··· Dataset entries ···

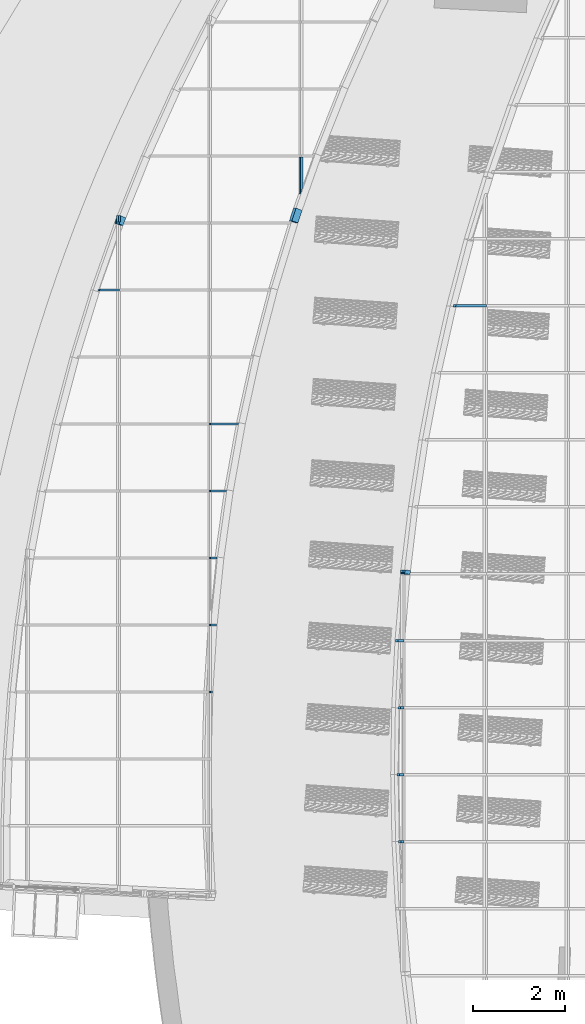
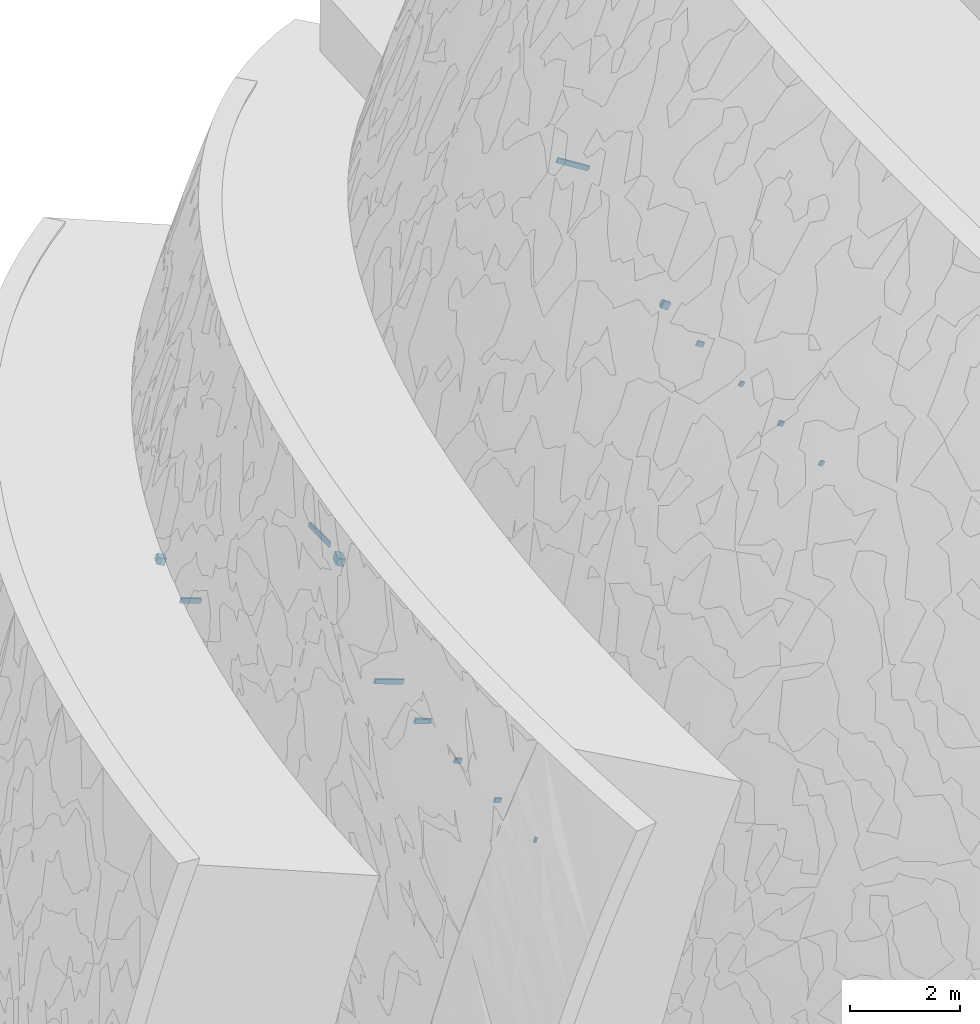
# One storey, part 28 of 82: 18 members, 2 elements without a shape of their own.
"""IFC2X3 building model written with IfcOpenShell, lengths in millimetres."""

from ifc_helpers import new_model, entity, si_unit, converted_unit, derived_unit, direction, frame, frame_2d, origin, origin_2d_with_axis, place, context, subcontext, project, spatial, polyline, rectangle, extrude, clip, halfspace, bounded_halfspace, source, transform, mapped, material, type_object, type_shapes, element, aggregate, save


model = new_model("IFC2X3")

# Units and contexts
model_context = context("Model", 3, precision=0.01, world=origin(), true_north=direction((6.12303176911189e-17, 1.0)))
body_context = subcontext(model_context, "Body", "Model", "MODEL_VIEW")
ifc_project = project(units=[si_unit("LENGTHUNIT", "METRE", prefix="MILLI"), si_unit("AREAUNIT", "SQUARE_METRE"), si_unit("VOLUMEUNIT", "CUBIC_METRE"), converted_unit("PLANEANGLEUNIT", "DEGREE", entity("IfcRatioMeasure", 0.0174532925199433), si_unit("PLANEANGLEUNIT", "RADIAN"), dimensions=[0, 0, 0, 0, 0, 0, 0]), si_unit("MASSUNIT", "GRAM", prefix="KILO"), derived_unit("MASSDENSITYUNIT", [(si_unit("MASSUNIT", "GRAM", prefix="KILO"), 1), (si_unit("LENGTHUNIT", "METRE"), -3)]), si_unit("TIMEUNIT", "SECOND"), si_unit("FREQUENCYUNIT", "HERTZ"), si_unit("THERMODYNAMICTEMPERATUREUNIT", "DEGREE_CELSIUS"), derived_unit("THERMALTRANSMITTANCEUNIT", [(si_unit("MASSUNIT", "GRAM", prefix="KILO"), 1), (si_unit("THERMODYNAMICTEMPERATUREUNIT", "KELVIN"), -1), (si_unit("TIMEUNIT", "SECOND"), -3)]), derived_unit("VOLUMETRICFLOWRATEUNIT", [(si_unit("LENGTHUNIT", "METRE"), 3), (si_unit("TIMEUNIT", "SECOND"), -1)]), si_unit("ELECTRICCURRENTUNIT", "AMPERE"), si_unit("ELECTRICVOLTAGEUNIT", "VOLT"), si_unit("POWERUNIT", "WATT"), si_unit("FORCEUNIT", "NEWTON", prefix="KILO"), si_unit("ILLUMINANCEUNIT", "LUX"), si_unit("LUMINOUSFLUXUNIT", "LUMEN"), si_unit("LUMINOUSINTENSITYUNIT", "CANDELA"), derived_unit("USERDEFINED", [(si_unit("MASSUNIT", "GRAM", prefix="KILO"), -1), (si_unit("LENGTHUNIT", "METRE"), -2), (si_unit("TIMEUNIT", "SECOND"), 3), (si_unit("LUMINOUSFLUXUNIT", "LUMEN"), 1)]), derived_unit("LINEARVELOCITYUNIT", [(si_unit("LENGTHUNIT", "METRE"), 1), (si_unit("TIMEUNIT", "SECOND"), -1)]), si_unit("PRESSUREUNIT", "PASCAL"), derived_unit("USERDEFINED", [(si_unit("LENGTHUNIT", "METRE"), -2), (si_unit("MASSUNIT", "GRAM", prefix="KILO"), 1), (si_unit("TIMEUNIT", "SECOND"), -2)])], contexts=[model_context])

# Site, building, storey
site_placement = place(None, origin())
site = spatial("IfcSite", under=ifc_project, at=site_placement, Name="表面", CompositionType="ELEMENT")
building_placement = place(site_placement, origin())
building = spatial("IfcBuilding", under=site, at=building_placement, CompositionType="ELEMENT")
storey_placement = place(building_placement, origin())
storey = spatial("IfcBuildingStorey", under=building, at=storey_placement, Name="1F", CompositionType="ELEMENT", Elevation=0.0)

# Curtain wall, members
curtain_wall_type = type_object("IfcCurtainWallType", Name="幕墙系统:1450 x 2100mm", PredefinedType="NOTDEFINED")
curtain_wall_1_placement = place(storey_placement, origin())
curtain_wall_1 = element("IfcCurtainWall", 1, at=curtain_wall_1_placement, inside=storey, type_object=curtain_wall_type, Name="幕墙系统:1450 x 2100mm", ObjectType="幕墙系统:1450 x 2100mm")
ifc_material_1 = material(Name="木质 - 木材")
member_type_1 = type_object("IfcMemberType", Name="200 x 150mm", PredefinedType="MEMBER")
shared_shape_1 = source(origin(), body_context, "Body", "SweptSolid", [
    extrude(rectangle(XDim=150.0, YDim=150.0, at=origin_2d_with_axis()), frame((-75.0, 0.0, -85.9248183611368), z_axis=(0.0, 0.0, 1.0), x_axis=(0.0, -1.0, 0.0)), (0.0, 0.0, 1.0), 85.9248183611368),
])
type_shapes(member_type_1, [shared_shape_1])
placement = place(building_placement, frame((0.0, 0.0, 9000.0)))
member_1_placement = place(placement, frame((-30604.5056245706, -13303.588327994, 9820.01452635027), z_axis=(0.10087101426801, 0.992900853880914, -0.0630312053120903), x_axis=(-0.842027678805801, 0.118944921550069, 0.526157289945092)))
member_1 = element("IfcMember", 2, at=member_1_placement, type_object=member_type_1, material=ifc_material_1, Name="矩形竖梃:200 x 150mm", ObjectType="200 x 150mm", context=body_context, shape_type="MappedRepresentation", body=[
    mapped(shared_shape_1, transform((0.0, 0.0, 0.0), scale=1.0)),
])
ifc_material_2 = material(Name="金属 - 铝")
member_type_2 = type_object("IfcMemberType", Name="50 x 100mm", PredefinedType="MEMBER")
shared_shape_2 = source(origin(), body_context, "Body", "SweptSolid", [
    extrude(rectangle(XDim=100.0, YDim=50.0, at=origin_2d_with_axis()), frame((0.0, 0.0, -60.3148255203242), z_axis=(0.0, 0.0, 1.0), x_axis=(0.0, -1.0, 0.0)), (0.0, 0.0, 1.0), 60.3148255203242),
])
type_shapes(member_type_2, [shared_shape_2])
member_2_placement = place(placement, frame((-30604.5056245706, -13303.588327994, 9820.01452635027), z_axis=(0.0, 1.0, 0.0), x_axis=(-0.848048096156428, 0.0, 0.529919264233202)))
member_2 = element("IfcMember", 3, at=member_2_placement, type_object=member_type_2, material=ifc_material_2, Name="矩形竖梃:50 x 100mm", ObjectType="50 x 100mm", context=body_context, shape_type="MappedRepresentation", body=[
    mapped(shared_shape_2, transform((0.0, 0.0, 0.0), scale=1.0)),
])
member_type_3 = type_object("IfcMemberType", Name="50 x 100mm", PredefinedType="MEMBER")
shared_shape_3 = source(origin(), body_context, "Body", "Clipping", [
    clip(extrude(rectangle(XDim=100.0, YDim=50.0, at=origin_2d_with_axis()), frame((0.0, 0.0, -935.96048896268), z_axis=(0.0, 0.0, 1.0), x_axis=(0.0, -1.0, 0.0)), (0.0, 0.0, 1.0), 786.629228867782), halfspace(frame((-1405.324131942, 75.0, -595.590746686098), z_axis=(-0.29783912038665, 0.0, 0.954616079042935), x_axis=(0.954616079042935, 0.0, 0.29783912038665)), False)),
])
type_shapes(member_type_3, [shared_shape_3])
member_3_placement = place(placement, frame((-29617.3441333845, -7588.90315351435, 9203.16756512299), z_axis=(-0.848048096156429, 0.0, 0.529919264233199), x_axis=(0.0, -1.0, 0.0)))
member_3 = element("IfcMember", 4, at=member_3_placement, type_object=member_type_3, material=ifc_material_2, Name="矩形竖梃:50 x 100mm", ObjectType="50 x 100mm", context=body_context, shape_type="MappedRepresentation", body=[
    mapped(shared_shape_3, transform((0.0, 0.0, 0.0), scale=1.0)),
])
member_type_4 = type_object("IfcMemberType", Name="50 x 100mm", PredefinedType="MEMBER")
shared_shape_4 = source(origin(), body_context, "Body", "SweptSolid", [
    extrude(rectangle(XDim=100.0, YDim=50.0, at=origin_2d_with_axis()), frame((0.0, 0.0, -152.69416248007), z_axis=(0.0, 0.0, 1.0), x_axis=(0.0, -1.0, 0.0)), (0.0, 0.0, 1.0), 152.69416248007),
])
type_shapes(member_type_4, [shared_shape_4])
member_4_placement = place(placement, frame((-30733.997618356, -14838.9031535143, 9900.93010458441), z_axis=(-0.848048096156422, 0.0, 0.529919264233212), x_axis=(0.0, -1.0, 0.0)))
member_4 = element("IfcMember", 5, at=member_4_placement, type_object=member_type_4, material=ifc_material_2, Name="矩形竖梃:50 x 100mm", ObjectType="50 x 100mm", context=body_context, shape_type="MappedRepresentation", body=[
    mapped(shared_shape_4, transform((0.0, 0.0, 0.0), scale=1.0)),
])
member_type_5 = type_object("IfcMemberType", Name="50 x 100mm", PredefinedType="MEMBER")
shared_shape_5 = source(origin(), body_context, "Body", "Clipping", [
    clip(clip(extrude(rectangle(XDim=100.0, YDim=50.0, at=origin_2d_with_axis()), frame((0.0, 0.0, -236.611637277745), z_axis=(0.0, 0.0, 1.0), x_axis=(0.0, -1.0, 0.0)), (0.0, 0.0, 1.0), 87.0322261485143), bounded_halfspace(frame((-1441.33338382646, 75.0, -233.666898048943), z_axis=(-0.0577774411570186, 0.0, 0.998329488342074), x_axis=(0.998329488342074, 0.0, 0.0577774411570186)), False, frame((0.0, 0.0, -236.611637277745), z_axis=(0.0, 0.0, 1.0), x_axis=(0.0, -1.0, 0.0)), polyline([(-50.0, 5.66818631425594), (-50.0, -25.0), (50.0, -25.0), (50.0, 5.66818631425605), (-50.0, 5.66818631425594)]))), bounded_halfspace(frame((5.66818631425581, 75.0, -149.922954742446), z_axis=(-0.0177680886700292, 0.0, 0.999842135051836), x_axis=(0.999842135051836, 0.0, 0.0177680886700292)), False, frame((0.0, 0.0, -236.611637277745), z_axis=(0.0, 0.0, 1.0), x_axis=(0.0, -1.0, 0.0)), polyline([(-50.0, 25.0), (-50.0, 5.66818631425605), (50.0, 5.66818631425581), (50.0, 25.0), (-50.0, 25.0)]))),
])
type_shapes(member_type_5, [shared_shape_5])
member_5_placement = place(placement, frame((-30805.1636730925, -16288.9031535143, 9945.39959108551), z_axis=(-0.848048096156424, 0.0, 0.529919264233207), x_axis=(0.0, -1.0, 0.0)))
member_5 = element("IfcMember", 6, at=member_5_placement, type_object=member_type_5, material=ifc_material_2, Name="矩形竖梃:50 x 100mm", ObjectType="50 x 100mm", context=body_context, shape_type="MappedRepresentation", body=[
    mapped(shared_shape_5, transform((0.0, 0.0, 0.0), scale=1.0)),
])
member_type_6 = type_object("IfcMemberType", Name="50 x 100mm", PredefinedType="MEMBER")
shared_shape_6 = source(origin(), body_context, "Body", "Clipping", [
    clip(clip(extrude(rectangle(XDim=100.0, YDim=50.0, at=origin_2d_with_axis()), frame((0.0, 0.0, -262.379433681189), z_axis=(0.0, 0.0, 1.0), x_axis=(0.0, -1.0, 0.0)), (0.0, 0.0, 1.0), 112.349785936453), bounded_halfspace(frame((-0.335619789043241, 75.0, -150.029647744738), z_axis=(0.0222412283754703, 0.0, 0.999752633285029), x_axis=(0.999752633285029, 0.0, -0.0222412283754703)), False, frame((0.0, 0.0, -262.379433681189), z_axis=(0.0, 0.0, 1.0), x_axis=(0.0, -1.0, 0.0)), polyline([(-50.0, 25.0), (-50.0, -0.335619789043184), (50.0, -0.335619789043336), (50.0, 25.0), (-50.0, 25.0)]))), bounded_halfspace(frame((-1447.3347866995, 75.0, -175.744116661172), z_axis=(-0.0177680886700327, 0.0, 0.999842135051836), x_axis=(0.999842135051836, 0.0, 0.0177680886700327)), False, frame((0.0, 0.0, -262.379433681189), z_axis=(0.0, 0.0, 1.0), x_axis=(0.0, -1.0, 0.0)), polyline([(-50.0, -0.335619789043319), (-50.0, -25.0), (50.0, -25.0), (50.0, -0.335619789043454), (-50.0, -0.335619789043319)]))),
])
type_shapes(member_type_6, [shared_shape_6])
member_6_placement = place(placement, frame((-30827.0160037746, -17738.9031535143, 9959.05444279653), z_axis=(-0.848048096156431, 0.0, 0.529919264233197), x_axis=(0.0, -1.0, 0.0)))
member_6 = element("IfcMember", 7, at=member_6_placement, type_object=member_type_6, material=ifc_material_2, Name="矩形竖梃:50 x 100mm", ObjectType="50 x 100mm", context=body_context, shape_type="MappedRepresentation", body=[
    mapped(shared_shape_6, transform((0.0, 0.0, 0.0), scale=1.0)),
])
member_type_7 = type_object("IfcMemberType", Name="50 x 100mm", PredefinedType="MEMBER")
shared_shape_7 = source(origin(), body_context, "Body", "Clipping", [
    clip(clip(extrude(rectangle(XDim=100.0, YDim=50.0, at=origin_2d_with_axis()), frame((0.0, 0.0, -230.12167304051), z_axis=(0.0, 0.0, 1.0), x_axis=(0.0, -1.0, 0.0)), (0.0, 0.0, 1.0), 80.6407271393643), bounded_halfspace(frame((-6.33942767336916, 75.0, -149.896082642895), z_axis=(0.0622505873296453, 0.0, 0.998060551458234), x_axis=(0.998060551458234, 0.0, -0.0622505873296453)), False, frame((0.0, 0.0, -230.12167304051), z_axis=(0.0, 0.0, 1.0), x_axis=(0.0, -1.0, 0.0)), polyline([(-50.0, 25.0), (-50.0, -6.33942767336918), (50.0, -6.33942767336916), (50.0, 25.0), (-50.0, 25.0)]))), bounded_halfspace(frame((-1453.33618425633, 75.0, -117.705134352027), z_axis=(0.0222412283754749, 0.0, 0.999752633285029), x_axis=(0.999752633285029, 0.0, -0.0222412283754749)), False, frame((0.0, 0.0, -230.12167304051), z_axis=(0.0, 0.0, 1.0), x_axis=(0.0, -1.0, 0.0)), polyline([(-50.0, -6.33942767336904), (-50.0, -25.0), (50.0, -25.0), (50.0, -6.33942767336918), (-50.0, -6.33942767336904)]))),
])
type_shapes(member_type_7, [shared_shape_7])
member_7_placement = place(placement, frame((-30799.659871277, -19188.9031535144, 9941.96043401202), z_axis=(-0.848048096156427, 0.0, 0.529919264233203), x_axis=(0.0, -1.0, 0.0)))
member_7 = element("IfcMember", 8, at=member_7_placement, type_object=member_type_7, material=ifc_material_2, Name="矩形竖梃:50 x 100mm", ObjectType="50 x 100mm", context=body_context, shape_type="MappedRepresentation", body=[
    mapped(shared_shape_7, transform((0.0, 0.0, 0.0), scale=1.0)),
])
aggregate(curtain_wall_1, [member_1, member_2, member_3, member_4, member_5, member_6, member_7])

curtain_wall_2_placement = place(storey_placement, origin())
curtain_wall_2 = element("IfcCurtainWall", 9, at=curtain_wall_2_placement, inside=storey, type_object=curtain_wall_type, Name="幕墙系统:1450 x 2100mm", ObjectType="幕墙系统:1450 x 2100mm")
member_type_8 = type_object("IfcMemberType", Name="200 x 150mm", PredefinedType="MEMBER")
shared_shape_8 = source(origin(), body_context, "Body", "Clipping", [
    clip(clip(extrude(rectangle(XDim=150.0, YDim=150.0, at=origin_2d_with_axis()), frame((-75.0, 0.0, -289.696941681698), z_axis=(0.0, 0.0, 1.0), x_axis=(0.0, -1.0, 0.0)), (0.0, 0.0, 1.0), 291.576476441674), halfspace(frame((0.0, 304.8, -288.092724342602), z_axis=(0.0106941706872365, 0.0, -0.999942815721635), x_axis=(0.999942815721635, 0.0, 0.0106941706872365)), False)), halfspace(frame((0.0, 304.799999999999, 0.0), z_axis=(0.0125292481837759, 0.0, 0.999921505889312), x_axis=(0.999921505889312, 0.0, -0.0125292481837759)), False)),
])
type_shapes(member_type_8, [shared_shape_8])
member_8_placement = place(placement, frame((-32899.731961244, -5796.8767198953, 294.791419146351), z_axis=(-0.311759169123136, -0.9433612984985, 0.113471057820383), x_axis=(0.886469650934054, -0.3317671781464, -0.322648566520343)))
member_8 = element("IfcMember", 10, at=member_8_placement, type_object=member_type_8, material=ifc_material_1, Name="矩形竖梃:200 x 150mm", ObjectType="200 x 150mm", context=body_context, shape_type="MappedRepresentation", body=[
    mapped(shared_shape_8, transform((0.0, 0.0, 0.0), scale=1.0)),
])
member_type_9 = type_object("IfcMemberType", Name="200 x 150mm", PredefinedType="MEMBER")
shared_shape_9 = source(origin(), body_context, "Body", "SweptSolid", [
    extrude(rectangle(XDim=150.0, YDim=150.0, at=origin_2d_with_axis()), frame((-75.0, 0.0, -179.980321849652), z_axis=(0.0, 0.0, 1.0), x_axis=(0.0, -1.0, 0.0)), (0.0, 0.0, 1.0), 179.980321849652),
])
type_shapes(member_type_9, [shared_shape_9])
member_9_placement = place(placement, frame((-36756.6254201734, -5629.99032726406, 1698.58583493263), z_axis=(0.351865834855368, 0.927247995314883, -0.128068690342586), x_axis=(-0.871328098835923, 0.374447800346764, 0.317137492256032)))
member_9 = element("IfcMember", 11, at=member_9_placement, type_object=member_type_9, material=ifc_material_1, Name="矩形竖梃:200 x 150mm", ObjectType="200 x 150mm", context=body_context, shape_type="MappedRepresentation", body=[
    mapped(shared_shape_9, transform((0.0, 0.0, 0.0), scale=1.0)),
])
member_type_10 = type_object("IfcMemberType", Name="50 x 100mm", PredefinedType="MEMBER")
shared_shape_10 = source(origin(), body_context, "Body", "Clipping", [
    clip(extrude(rectangle(XDim=100.0, YDim=50.0, at=origin_2d_with_axis()), frame((0.0, 0.0, -793.433062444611), z_axis=(0.0, 0.0, 1.0), x_axis=(0.0, -1.0, 0.0)), (0.0, 0.0, 1.0), 793.433062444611), halfspace(frame((140.971968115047, 75.0, -1101.94604020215), z_axis=(-0.936049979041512, 0.0, -0.35186707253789), x_axis=(-0.35186707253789, 0.0, 0.936049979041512)), False)),
])
type_shapes(member_type_10, [shared_shape_10])
member_10_placement = place(placement, frame((-32809.9164128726, -4371.8767198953, 262.10123296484), z_axis=(0.0, 1.0, 0.0), x_axis=(-0.93969262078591, 0.0, 0.342020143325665)))
member_10 = element("IfcMember", 12, at=member_10_placement, type_object=member_type_10, material=ifc_material_2, Name="矩形竖梃:50 x 100mm", ObjectType="50 x 100mm", context=body_context, shape_type="MappedRepresentation", body=[
    mapped(shared_shape_10, transform((0.0, 0.0, 0.0), scale=1.0)),
])
member_type_11 = type_object("IfcMemberType", Name="50 x 100mm", PredefinedType="MEMBER")
shared_shape_11 = source(origin(), body_context, "Body", "SweptSolid", [
    extrude(rectangle(XDim=100.0, YDim=50.0, at=origin_2d_with_axis()), frame((0.0, 0.0, -141.886392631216), z_axis=(0.0, 0.0, 1.0), x_axis=(0.0, -1.0, 0.0)), (0.0, 0.0, 1.0), 141.886392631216),
])
type_shapes(member_type_11, [shared_shape_11])
member_11_placement = place(placement, frame((-36756.6254201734, -5629.99032726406, 1698.58583493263), z_axis=(0.0, 1.0, 0.0), x_axis=(-0.93969262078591, 0.0, 0.342020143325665)))
member_11 = element("IfcMember", 13, at=member_11_placement, type_object=member_type_11, material=ifc_material_2, Name="矩形竖梃:50 x 100mm", ObjectType="50 x 100mm", context=body_context, shape_type="MappedRepresentation", body=[
    mapped(shared_shape_11, transform((0.0, 0.0, 0.0), scale=1.0)),
])
member_type_12 = type_object("IfcMemberType", Name="50 x 100mm", PredefinedType="MEMBER")
shared_shape_12 = source(origin(), body_context, "Body", "SweptSolid", [
    extrude(rectangle(XDim=100.0, YDim=50.0, at=origin_2d_with_axis()), frame((0.0, 0.0, -67.3932356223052), z_axis=(0.0, 0.0, 1.0), x_axis=(0.0, -1.0, 0.0)), (0.0, 0.0, 1.0), 67.3932356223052),
])
type_shapes(member_type_12, [shared_shape_12])
member_12_placement = place(placement, frame((-36819.9543463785, -5796.87671989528, 1721.63567903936), z_axis=(-0.939692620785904, 0.0, 0.342020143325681), x_axis=(0.0, -1.0, 0.0)))
member_12 = element("IfcMember", 14, at=member_12_placement, type_object=member_type_12, material=ifc_material_2, Name="矩形竖梃:50 x 100mm", ObjectType="50 x 100mm", context=body_context, shape_type="MappedRepresentation", body=[
    mapped(shared_shape_12, transform((0.0, 0.0, 0.0), scale=1.0)),
])
member_type_13 = type_object("IfcMemberType", Name="50 x 100mm", PredefinedType="MEMBER")
shared_shape_13 = source(origin(), body_context, "Body", "Clipping", [
    clip(extrude(rectangle(XDim=100.0, YDim=50.0, at=origin_2d_with_axis()), frame((0.0, 0.0, -613.293458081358), z_axis=(0.0, 0.0, 1.0), x_axis=(0.0, -1.0, 0.0)), (0.0, 0.0, 1.0), 462.427222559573), halfspace(frame((-1397.14902091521, 75.0, -686.281040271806), z_axis=(-0.352339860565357, 0.0, 0.935872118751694), x_axis=(0.935872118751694, 0.0, 0.352339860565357)), False)),
])
type_shapes(member_type_13, [shared_shape_13])
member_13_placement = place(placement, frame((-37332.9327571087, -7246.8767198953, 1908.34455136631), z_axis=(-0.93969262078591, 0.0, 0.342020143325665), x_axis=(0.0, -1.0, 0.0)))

···

▸ Work task
Review the entries above and return every line where "direction" appears.

▸ Result for this task
from ifc_helpers import new_model, entity, si_unit, converted_unit, derived_unit, direction, frame, frame_2d, origin, origin_2d_with_axis, place, context, subcontext, project, spatial, polyline, rectangle, extrude, clip, halfspace, bounded_halfspace, source, transform, mapped, material, type_object, type_shapes, element, aggregate, save
model_context = context("Model", 3, precision=0.01, world=origin(), true_north=direction((6.12303176911189e-17, 1.0)))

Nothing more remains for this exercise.